**Work instruction**
Copy out the entries exactly, and wherever a picture appears, leave it out.

**Dataset items**
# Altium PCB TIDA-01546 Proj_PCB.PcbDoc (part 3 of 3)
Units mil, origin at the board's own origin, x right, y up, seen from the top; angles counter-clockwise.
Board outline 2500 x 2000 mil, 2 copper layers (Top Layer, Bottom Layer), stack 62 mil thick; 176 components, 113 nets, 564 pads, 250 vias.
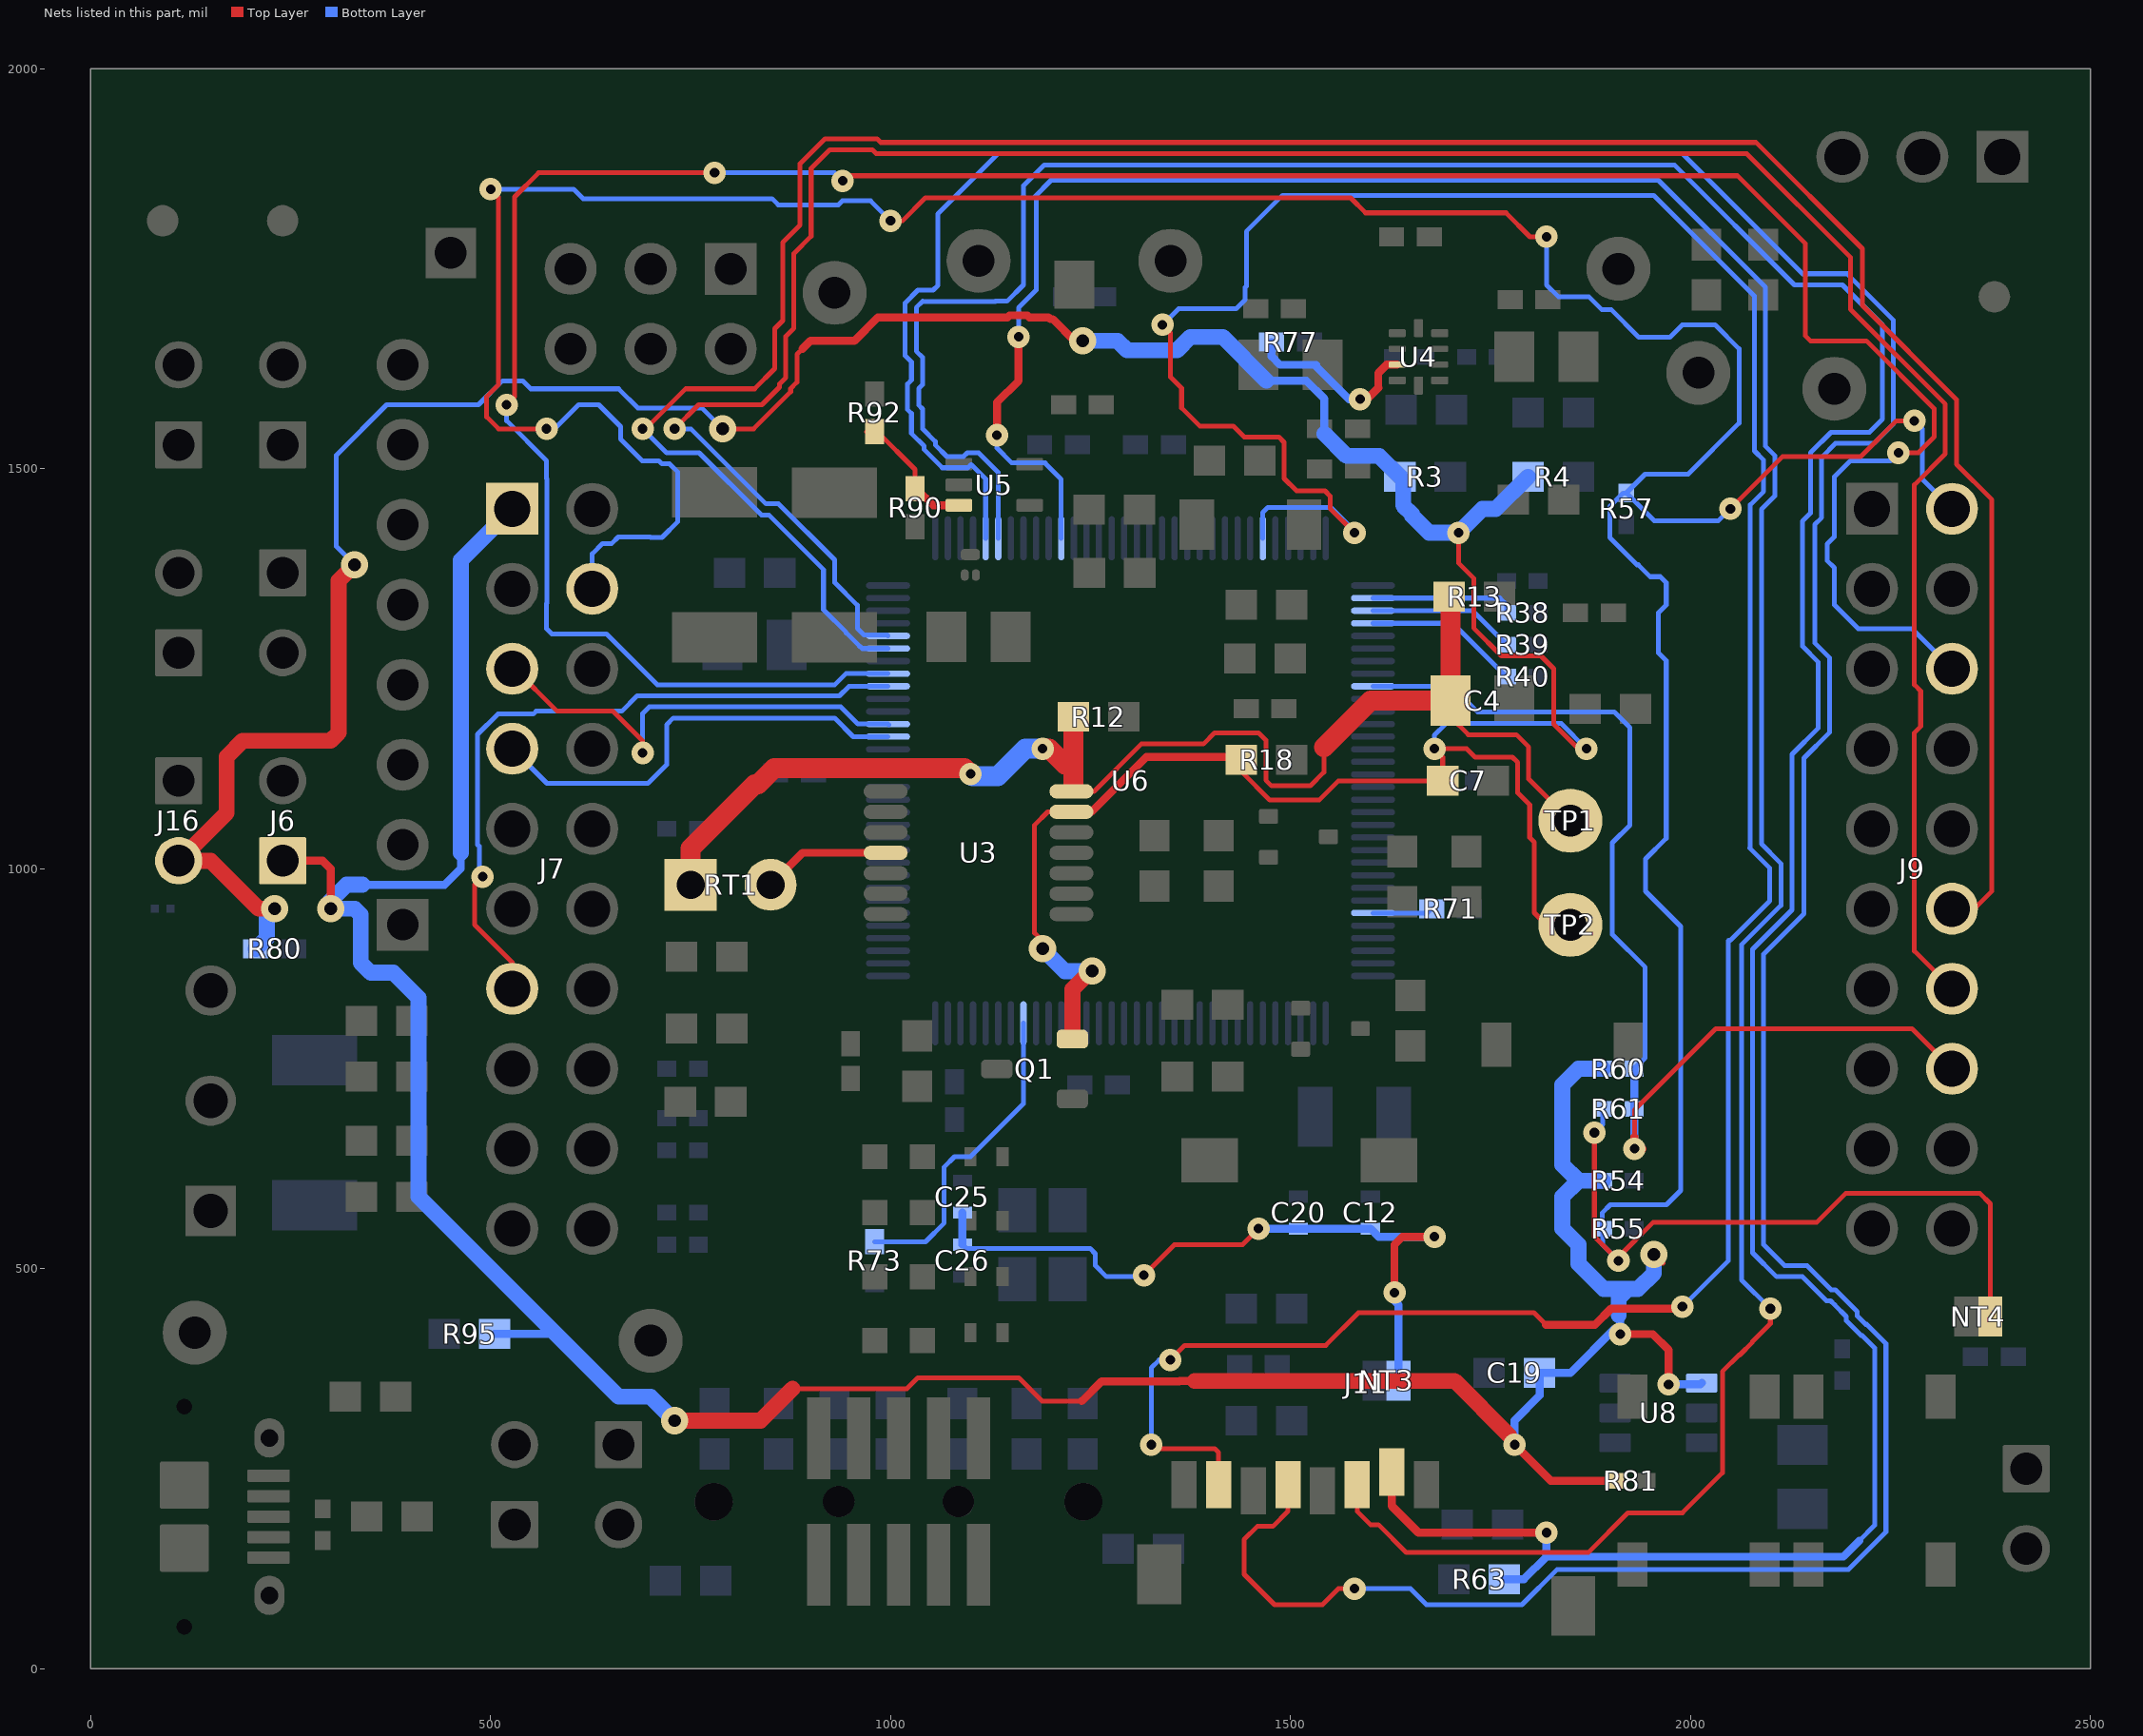
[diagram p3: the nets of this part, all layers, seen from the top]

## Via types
v1: diameter 28, hole 12, Top Layer to Bottom Layer, 217 vias
v2: diameter 34, hole 16, Top Layer to Bottom Layer, 30 vias
v3: diameter 50, hole 28, Top Layer to Bottom Layer, 3 vias

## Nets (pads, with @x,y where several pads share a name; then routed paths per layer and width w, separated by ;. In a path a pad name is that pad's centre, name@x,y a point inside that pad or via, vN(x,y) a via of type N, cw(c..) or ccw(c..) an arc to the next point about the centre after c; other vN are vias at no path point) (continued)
NetR38_1: R38.1 U6.34 | length 180.4
  Bottom Layer w6: U6.34@1603.15,1338.35 1761.65,1338.35 1770.32,1329.68 R38.1@1770.32,1320
NetR39_2: R39.2 U6.35 | length 184.8
  Bottom Layer w6: U6.35@1603.15,1322.6 1727.72,1322.6 R39.2@1770.31,1280
NetR40_1: R40.1 U6.36 | length 194.9
  Bottom Layer w6: U6.36@1603.15,1306.85 1703.15,1306.85 1770,1240 R40.1@1770.32,1240
NetR71_1: R71.1 U6.59 | length 75.4
  Bottom Layer w6: U6.59@1603.15,944.65 1671.02,944.65 R71.1@1676.38,950
NetR73_1: R73.1 U6.89 | length 399.3
  Bottom Layer w6: R73.1@980,533.62 1043.62,533.62 1067.13,557.13 1067.13,627.13 1080,640 1100,640 1166.14,706.14 U6.89@1166.14,806.85
NetR76_1: R77.2 U4.3 | length 223.4
  Top Layer w10: v1@1590,1590 1598.75,1590 1609.92,1601.17 1609.72,1601.37 1609.72,1619.57 1620.16,1630.01 1620.16,1630.16 U4.3@1633.43,1630.16
  Bottom Layer w10: R77.2@1476.38,1658.52 1476.38,1640.49 1486.87,1630 1532.35,1630 1532.35,1627.65 1573,1587 v1(1587,1587)
NetR90_2: R90.2 R92.2 U5.3 | length 167.7
  Top Layer w6: R92.2@970,1546.38 983.46,1546.38 1030.63,1499.21 R90.2@1030.63,1474.99
  Top Layer w10: R90.2@1030.63,1474.99 1032.6,1474.99 1053.18,1454.41 U5.3@1085.39,1454.41
NetRT1_2: RT1.2 U3.11 | length 160.4
  Top Layer w10: RT1.2@850,980 889.99,1019.99 U3.11@993.85,1019.99
REG25: C4.2 R12.1 R13.1 RT1.1 TP1.1 U3.7 | length 1684.1
  Top Layer w6: U3.7@1226.13,1096.76 1254.32,1096.76 1313.42,1155.87 1391.05,1155.87 1405.18,1170 1460,1170 1469.22,1160.78 1469.22,1110.78 1476.41,1103.59 1524.65,1103.59 1541.71,1120.66 1541.71,1151.71 ; C4.2@1700,1204.69 1700,1190 1722.37,1167.63 1782.37,1167.63 1797.88,1152.12 1797.88,1112.12 TP1.1@1850,1060
  Top Layer w10: 1218.5,1130 1228.5,1140
  Top Layer w25: RT1.1@750,980 750,1025.13 830.5,1105.63 834.24,1105.63 854.61,1126 1092.42,1126 v1(1100,1118.42) ; v1(1190,1150) 1198.5,1150 1218.5,1130 ; U3.7@1228.5,1102.78 1228.5,1140 R12.1@1228.5,1190 ; 1541.71,1151.71 1600,1210 C4.2@1700,1210 ; C4.2@1700,1204.69 C4.2@1700,1210 ; R13.1@1700,1340 C4.2@1700,1210
  Bottom Layer w25: v1(1100,1118.42) 1102.79,1115.63 1134.24,1115.63 1168.61,1150 v1(1190,1150)
REGIN: C7.2 J16.2 Q1.2 R3.1 R4.1 R18.1 R80.1 TP2.1 U3.6 | length 4627.6
  Top Layer w6: v2(790,1550) 828.75,1550 875.13,1596.38 875.13,1600.3 883,1608.18 883,1643 890,1650 ; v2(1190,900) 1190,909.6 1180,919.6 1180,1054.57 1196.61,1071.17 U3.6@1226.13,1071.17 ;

**Solution to the exercise**
# Altium PCB TIDA-01546 Proj_PCB.PcbDoc (part 3 of 3)
Units mil, origin at the board's own origin, x right, y up, seen from the top; angles counter-clockwise.
Board outline 2500 x 2000 mil, 2 copper layers (Top Layer, Bottom Layer), stack 62 mil thick; 176 components, 113 nets, 564 pads, 250 vias.
[diagram p3: the nets of this part, all layers, seen from the top]

## Via types
v1: diameter 28, hole 12, Top Layer to Bottom Layer, 217 vias
v2: diameter 34, hole 16, Top Layer to Bottom Layer, 30 vias
v3: diameter 50, hole 28, Top Layer to Bottom Layer, 3 vias

## Nets (pads, with @x,y where several pads share a name; then routed paths per layer and width w, separated by ;. In a path a pad name is that pad's centre, name@x,y a point inside that pad or via, vN(x,y) a via of type N, cw(c..) or ccw(c..) an arc to the next point about the centre after c; other vN are vias at no path point) (continued)
NetR38_1: R38.1 U6.34 | length 180.4
  Bottom Layer w6: U6.34@1603.15,1338.35 1761.65,1338.35 1770.32,1329.68 R38.1@1770.32,1320
NetR39_2: R39.2 U6.35 | length 184.8
  Bottom Layer w6: U6.35@1603.15,1322.6 1727.72,1322.6 R39.2@1770.31,1280
NetR40_1: R40.1 U6.36 | length 194.9
  Bottom Layer w6: U6.36@1603.15,1306.85 1703.15,1306.85 1770,1240 R40.1@1770.32,1240
NetR71_1: R71.1 U6.59 | length 75.4
  Bottom Layer w6: U6.59@1603.15,944.65 1671.02,944.65 R71.1@1676.38,950
NetR73_1: R73.1 U6.89 | length 399.3
  Bottom Layer w6: R73.1@980,533.62 1043.62,533.62 1067.13,557.13 1067.13,627.13 1080,640 1100,640 1166.14,706.14 U6.89@1166.14,806.85
NetR76_1: R77.2 U4.3 | length 223.4
  Top Layer w10: v1@1590,1590 1598.75,1590 1609.92,1601.17 1609.72,1601.37 1609.72,1619.57 1620.16,1630.01 1620.16,1630.16 U4.3@1633.43,1630.16
  Bottom Layer w10: R77.2@1476.38,1658.52 1476.38,1640.49 1486.87,1630 1532.35,1630 1532.35,1627.65 1573,1587 v1(1587,1587)
NetR90_2: R90.2 R92.2 U5.3 | length 167.7
  Top Layer w6: R92.2@970,1546.38 983.46,1546.38 1030.63,1499.21 R90.2@1030.63,1474.99
  Top Layer w10: R90.2@1030.63,1474.99 1032.6,1474.99 1053.18,1454.41 U5.3@1085.39,1454.41
NetRT1_2: RT1.2 U3.11 | length 160.4
  Top Layer w10: RT1.2@850,980 889.99,1019.99 U3.11@993.85,1019.99
REG25: C4.2 R12.1 R13.1 RT1.1 TP1.1 U3.7 | length 1684.1
  Top Layer w6: U3.7@1226.13,1096.76 1254.32,1096.76 1313.42,1155.87 1391.05,1155.87 1405.18,1170 1460,1170 1469.22,1160.78 1469.22,1110.78 1476.41,1103.59 1524.65,1103.59 1541.71,1120.66 1541.71,1151.71 ; C4.2@1700,1204.69 1700,1190 1722.37,1167.63 1782.37,1167.63 1797.88,1152.12 1797.88,1112.12 TP1.1@1850,1060
  Top Layer w10: 1218.5,1130 1228.5,1140
  Top Layer w25: RT1.1@750,980 750,1025.13 830.5,1105.63 834.24,1105.63 854.61,1126 1092.42,1126 v1(1100,1118.42) ; v1(1190,1150) 1198.5,1150 1218.5,1130 ; U3.7@1228.5,1102.78 1228.5,1140 R12.1@1228.5,1190 ; 1541.71,1151.71 1600,1210 C4.2@1700,1210 ; C4.2@1700,1204.69 C4.2@1700,1210 ; R13.1@1700,1340 C4.2@1700,1210
  Bottom Layer w25: v1(1100,1118.42) 1102.79,1115.63 1134.24,1115.63 1168.61,1150 v1(1190,1150)
REGIN: C7.2 J16.2 Q1.2 R3.1 R4.1 R18.1 R80.1 TP2.1 U3.6 | length 4627.6
  Top Layer w6: v2(790,1550) 828.75,1550 875.13,1596.38 875.13,1600.3 883,1608.18 883,1643 890,1650 ; v2(1190,900) 1190,909.6 1180,919.6 1180,1054.57 1196.61,1071.17 U3.6@1226.13,1071.17 ;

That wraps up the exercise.